La fundación insiste en que muchas familias de los estratos sociales que ya tenían de por sí rentas bajas están entrando en situación de necesidad severa, lo que les está llevando a pedir ayuda a las grandes ONG.

«Ante los huecos en la cobertura de las políticas sociales, por diseño o por su implementación, la demanda de acción social por parte de Cáritas, Cruz Roja o FESBAL ha crecido enormemente», recalca Funcas, que estima que dicha demanda se ha disparado entre  un 40% y un 60% durante los seis primeros meses de la pandemia.

Según su estudio, entre una cuarta parte y un tercio de esa demanda está formada por personas que han recurrido por primera vez a los servicios que ofrecen estas organizaciones (entre 150.000 y 200.000 personas) y, por tanto, cabe atribuir su situación al impacto de la crisis. Entre el perfil de esos nuevos solicitantes no solo hay inmigrantes, miembros de familias monoparentales o personas sin ingresos o ingresos bajos y/o irregulares, sino que también habría jóvenes. Sobre este colectivo, un estudio de Caixabank Research sostiene que la pandemia ha reducido un 45% sus ingresos, sobre todo de los ‘millennials’ y la generación Z.

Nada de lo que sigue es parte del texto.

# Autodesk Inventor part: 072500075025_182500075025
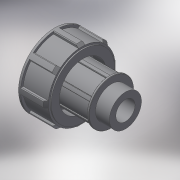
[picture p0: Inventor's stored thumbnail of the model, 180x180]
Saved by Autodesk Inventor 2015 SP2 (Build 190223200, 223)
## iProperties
Created: 2017-04
Part Number: 072500075025_182500075025
Material: Generic
Description: PLASSON THREADED ADAPTOR 75-2.1/2"
Document SubType Name: Modeling
Designer: KIM
Density: 1 g/cm^3
Appearance: Default
Author: KIM
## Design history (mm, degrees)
derived "07250.ipt"
feature "Solid1::07250.ipt"
tag "TaggingFeature1"
body "Solid1"
other parameters: "d1" = 75.184, "d2" = 134, "d3" = 29, "d6" = 132, "d7" = 122.76, "d8" = 105.6, "d9" = 75, "d10" = 90.2208, "d12" = 45.1104, "d13" = 60.1472, "d14" = 33.35, "d15" = 99, "d16" = 4.02, "d17" = 53.6, "d18" = 29, "d19" = 34.8, "d24" = 15.0368, "d25" = 7.5184, "d27" = 0, "d28" = 6.01472, "d31" = 1.50368, "d35" = 360 deg, "d41" = 29.337, "d56" = 82.5, "d57" = 7.5, "d58" = 3.75, "d60" = 0, "d61" = 0.75184, "d64" = 0.75184, "d68" = 360 deg, "d_" = 75, "R_" = 75.184, "E_" = 132, "H_" = 134, "l_2" = 29, "d55" = 75
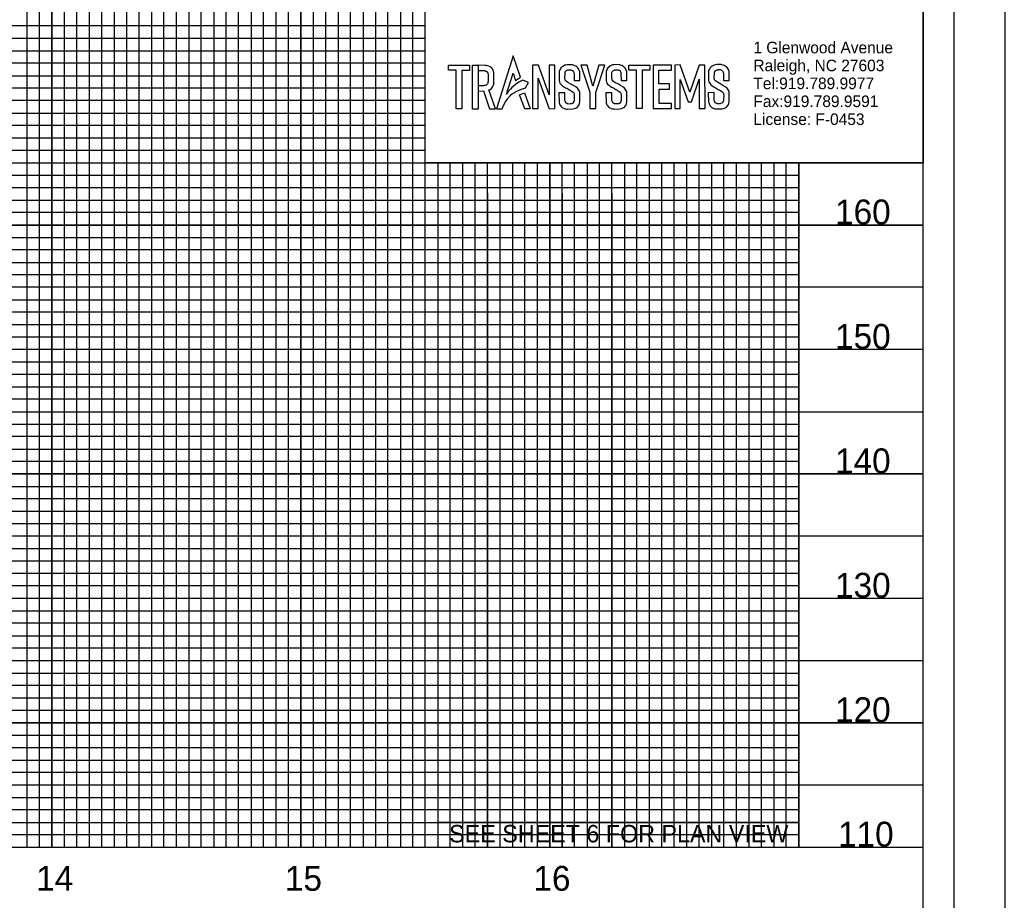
# Model space of a CAD drawing. Extents: x 1779926 to 1781626, y 618464 to 619564.
# Drawn here: x 1781230 to 1781626, y 619017.9 to 619371.7 of the extents above; entities that cross this region are included whole.
import ezdxf

# ---------------------------------------------------------------- set-up
doc = ezdxf.new("R2010")
doc.units = 0
for name, color, linetype in [('Default', 7, 'Continuous'), ('Exist Vertical Profile Horizontal Axis Label Major', 7, 'Continuous'), ('Exist Vertical Profile Vertical Axis Label', 7, 'Continuous'), ('Old_Level_2', 7, 'Continuous'), ('Old_Level_58', 7, 'Continuous'), ('Prop DSN Text', 7, 'Continuous'), ('Prop Grid Mask', 7, 'Continuous'), ('Sheet DOT Grid CELL', 7, 'Continuous'), ('Sheet Layout Profile Border Port 1', 7, 'Continuous'), ('Sheet Plot Border Inside CELL', 7, 'Continuous'), ('Sheet Plot Border Outside CELL', 7, 'Continuous'), ('Sheet Profile CELL', 7, 'Continuous'), ('Sheet Profile Grid Major CELL', 7, 'Continuous'), ('Sheet Profile Grid Middle CELL', 7, 'Continuous'), ('Sheet Profile Grid Minor CELL', 7, 'Continuous')]:
    doc.layers.add(name, color=color, linetype=linetype)

msp = doc.modelspace()

# ---------------------------------------------------------------- linework, layer by layer
at = {"layer": 'Default'}
for points in [[(1781428.26, 619357.23), (1781421.6, 619335.89), (1781423.82, 619335.9), (1781424.16, 619336.74), (1781424.73, 619337.9), (1781425.05, 619338.53), (1781425.42, 619339.07), (1781425.95, 619339.83), (1781426.27, 619340.3), (1781426.65, 619340.69), (1781427.03, 619341.08), (1781427.52, 619341.58), (1781427.93, 619341.85), (1781428.34, 619342.18), (1781428.9, 619342.5), (1781429.39, 619342.78), (1781430.61, 619343.35), (1781431.61, 619343.76), (1781433.25, 619344.32), (1781434.39, 619346.46), (1781432.21, 619347.42), (1781430.58, 619346.53), (1781429.2, 619345.63), (1781428.22, 619344.83), (1781427.7, 619344.41), (1781427.17, 619343.84), (1781426.63, 619343.27), (1781426.23, 619342.85), (1781425.85, 619342.2), (1781425.65, 619341.84), (1781428.27, 619350.22), (1781429.27, 619347.33), (1781431.17, 619348.58)], [(1781402.3, 619353.38), (1781410.76, 619353.39), (1781410.77, 619351.31), (1781407.66, 619351.31), (1781407.67, 619335.89), (1781405.32, 619335.89), (1781405.31, 619351.41), (1781402.33, 619351.41)], [(1781411.92, 619353.37), (1781414.23, 619353.38), (1781414.25, 619335.81), (1781411.93, 619335.81)], [(1781414.24, 619351.29), (1781416.62, 619351.29), (1781416.93, 619351.24), (1781417.33, 619351.08), (1781417.65, 619350.86), (1781417.88, 619350.59), (1781418.04, 619350.26), (1781418.16, 619350), (1781418.16, 619349.42), (1781418.17, 619346.93), (1781418.11, 619346.6), (1781418.03, 619346.16), (1781417.89, 619345.86), (1781417.69, 619345.6), (1781417.43, 619345.39), (1781417, 619345.24), (1781416.67, 619345.2), (1781416.35, 619345.15), (1781414.24, 619345.14), (1781414.25, 619343.03), (1781416.36, 619343.05), (1781418.73, 619335.88), (1781421.14, 619335.91), (1781418.49, 619343.45), (1781418.87, 619343.58), (1781419.41, 619343.98), (1781419.9, 619344.52), (1781420.25, 619345.15), (1781420.46, 619345.78), (1781420.45, 619345.97), (1781420.49, 619350.53), (1781420.28, 619351.28), (1781419.92, 619351.96), (1781419.51, 619352.43), (1781418.81, 619352.9), (1781418.14, 619353.13), (1781417.46, 619353.35), (1781417.05, 619353.35), (1781414.23, 619353.38)], [(1781436.03, 619353.41), (1781436.05, 619335.95), (1781438.28, 619335.95), (1781438.27, 619348.23), (1781442.72, 619335.93), (1781444.97, 619335.96), (1781444.95, 619353.46), (1781442.77, 619353.46), (1781442.79, 619341.48), (1781438.39, 619353.42)], [(1781452.73, 619347.24), (1781455.04, 619347.24), (1781455.04, 619350.72), (1781454.84, 619351.42), (1781454.56, 619352.01), (1781454.26, 619352.4), (1781453.89, 619352.76), (1781453.45, 619353.04), (1781453.03, 619353.21), (1781453.03, 619353.21), (1781452.57, 619353.41), (1781452.08, 619353.53), (1781451.76, 619353.61), (1781450.01, 619353.57), (1781449.48, 619353.48), (1781449.03, 619353.4), (1781448.57, 619353.16), (1781448.16, 619352.95), (1781447.77, 619352.67), (1781447.46, 619352.35), (1781447.22, 619351.99), (1781447.02, 619351.59), (1781446.77, 619350.9), (1781446.72, 619350.38), (1781446.72, 619347.21), (1781446.83, 619346.74), (1781447.06, 619346.24), (1781447.35, 619345.83), (1781447.65, 619345.52), (1781448.1, 619345.17), (1781448.55, 619344.83), (1781448.83, 619344.61), (1781449.32, 619344.38), (1781449.8, 619344.16), (1781450.19, 619343.9), (1781450.63, 619343.62), (1781451.16, 619343.35), (1781451.59, 619343.13), (1781452.02, 619342.82), (1781452.33, 619342.52), (1781452.58, 619342.28), (1781452.73, 619341.8), (1781452.83, 619341.5), (1781452.79, 619339.27), (1781452.63, 619338.78), (1781452.39, 619338.36), (1781452.06, 619338.07), (1781451.71, 619337.91), (1781451.36, 619337.84), (1781450.4, 619337.82), (1781450.08, 619337.91), (1781449.75, 619338.1), (1781449.42, 619338.3), (1781449.28, 619338.63), (1781449.14, 619338.97), (1781449.02, 619339.23), (1781448.99, 619342.35), (1781446.65, 619342.32), (1781446.69, 619338.61), (1781446.81, 619338.33), (1781447.08, 619337.46), (1781447.26, 619337.17), (1781447.51, 619336.85), (1781447.89, 619336.48), (1781448.19, 619336.29), (1781448.63, 619336.1), (1781448.79, 619336.04), (1781449.22, 619335.86), (1781449.75, 619335.8), (1781450.14, 619335.76), (1781452.29, 619335.82), (1781452.88, 619335.96), (1781453.71, 619336.33), (1781453.99, 619336.46), (1781454.61, 619337.25), (1781454.94, 619338.04), (1781455.1, 619338.75), (1781455.04, 619342.17), (1781455.04, 619342.64), (1781454.91, 619343.02), (1781454.71, 619343.37), (1781454.17, 619344.13), (1781453.47, 619344.69), (1781452.49, 619345.27), (1781451.75, 619345.71), (1781450.28, 619346.48), (1781449.53, 619347.04), (1781449.2, 619347.46), (1781449.12, 619347.74), (1781449.05, 619348.03), (1781449.09, 619350.46), (1781449.22, 619350.71), (1781449.34, 619350.97), (1781449.52, 619351.12), (1781449.75, 619351.32), (1781450.01, 619351.42), (1781450.27, 619351.53), (1781450.41, 619351.5), (1781450.43, 619351.58), (1781451.39, 619351.56), (1781451.67, 619351.45), (1781451.94, 619351.34), (1781452.22, 619351.23), (1781452.35, 619351.04), (1781452.53, 619350.76), (1781452.63, 619350.48), (1781452.72, 619350.21), (1781452.71, 619349.9)], [(1781458, 619353.42), (1781455.46, 619353.42), (1781459.08, 619342.54), (1781459.11, 619335.99), (1781461.5, 619336.01), (1781461.47, 619342.5), (1781465.13, 619353.46), (1781462.63, 619353.39), (1781460.33, 619345.05)], [(1781471.6, 619347.26), (1781473.91, 619347.26), (1781473.91, 619350.74), (1781473.71, 619351.44), (1781473.43, 619352.03), (1781473.13, 619352.42), (1781472.76, 619352.77), (1781472.32, 619353.06), (1781471.9, 619353.23), (1781471.9, 619353.23), (1781471.44, 619353.42), (1781470.96, 619353.55), (1781470.64, 619353.63), (1781468.89, 619353.59), (1781468.36, 619353.5), (1781467.9, 619353.42), (1781467.44, 619353.18), (1781467.03, 619352.97), (1781466.64, 619352.68), (1781466.33, 619352.37), (1781466.09, 619352.01), (1781465.89, 619351.61), (1781465.64, 619350.91), (1781465.59, 619350.4), (1781465.59, 619347.23), (1781465.7, 619346.75), (1781465.93, 619346.26), (1781466.22, 619345.85), (1781466.52, 619345.54), (1781466.97, 619345.19), (1781467.42, 619344.84), (1781467.71, 619344.62), (1781468.19, 619344.4), (1781468.67, 619344.17), (1781469.06, 619343.92), (1781469.5, 619343.63), (1781470.03, 619343.37), (1781470.46, 619343.15), (1781470.89, 619342.83), (1781471.2, 619342.54), (1781471.45, 619342.3), (1781471.61, 619341.82), (1781471.7, 619341.52), (1781471.67, 619339.28), (1781471.51, 619338.8), (1781471.26, 619338.38), (1781470.93, 619338.09), (1781470.58, 619337.93), (1781470.24, 619337.86), (1781469.27, 619337.84), (1781468.95, 619337.93), (1781468.62, 619338.12), (1781468.29, 619338.31), (1781468.15, 619338.65), (1781468.01, 619338.98), (1781467.9, 619339.25), (1781467.86, 619342.36), (1781465.52, 619342.34), (1781465.57, 619338.63), (1781465.68, 619338.34), (1781465.95, 619337.48), (1781466.13, 619337.19), (1781466.38, 619336.87), (1781466.76, 619336.5), (1781467.07, 619336.3), (1781467.5, 619336.12), (1781467.66, 619336.05), (1781468.09, 619335.87), (1781468.62, 619335.82), (1781469.02, 619335.78), (1781471.16, 619335.84), (1781471.75, 619335.98), (1781472.58, 619336.35), (1781472.86, 619336.48), (1781473.48, 619337.27), (1781473.81, 619338.05), (1781473.97, 619338.76), (1781473.92, 619342.19), (1781473.91, 619342.66), (1781473.78, 619343.03), (1781473.59, 619343.39), (1781473.05, 619344.15), (1781472.34, 619344.7), (1781471.36, 619345.28), (1781470.62, 619345.73), (1781469.16, 619346.49), (1781468.4, 619347.06), (1781468.07, 619347.48), (1781468, 619347.76), (1781467.92, 619348.05), (1781467.96, 619350.48), (1781468.09, 619350.73), (1781468.21, 619350.99), (1781468.39, 619351.14), (1781468.62, 619351.33), (1781468.88, 619351.44), (1781469.14, 619351.55), (1781469.29, 619351.52), (1781469.3, 619351.59), (1781470.26, 619351.58), (1781470.54, 619351.47), (1781470.81, 619351.36), (1781471.09, 619351.25), (1781471.22, 619351.06), (1781471.41, 619350.78), (1781471.5, 619350.5), (1781471.59, 619350.23), (1781471.58, 619349.92)], [(1781474.76, 619353.45), (1781483.22, 619353.45), (1781483.23, 619351.38), (1781480.12, 619351.38), (1781480.13, 619335.96), (1781477.78, 619335.95), (1781477.77, 619351.48), (1781474.79, 619351.48)], [(1781491.83, 619353.45), (1781484.44, 619353.45), (1781484.46, 619336.02), (1781491.93, 619336.03), (1781491.93, 619338), (1781486.88, 619337.99), (1781486.88, 619343.84), (1781491.1, 619343.84), (1781491.09, 619345.91), (1781486.84, 619345.91), (1781486.84, 619351.41), (1781491.85, 619351.41)], [(1781499.21, 619342.6), (1781495.39, 619353.53), (1781493.18, 619353.42), (1781493.27, 619335.96), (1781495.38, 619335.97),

«Aunque la crisis aún se está desarrollando y los datos disponibles son incompletos, el análisis del impacto social de la pandemia en España a día de hoy es útil para identificar los problemas y las necesidades que se van a plantear en el futuro. Si la crisis se prolonga, la sociedad española puede enfrentarse a serios riesgos de cohesión social», alerta Funcas.

Y añade que, en este escenario, «los principales desafíos pasan por reactivar el empleo en hibernación (o restringido por las medidas de contención de contagios); mejorar la situación de los colectivos vulnerables no cubiertos (o insuficientemente cubiertos) por las medidas actuales; la gestión y coordinación de las políticas sociales; la sostenibilidad financiera de las medidas anticrisis en un entorno económico complicado con un elevado déficit público; y la búsqueda de consensos políticos y sociales para aprobar e implementar ágilmente políticas eficaces contra las repercusiones sociales más negativas de la pandemia».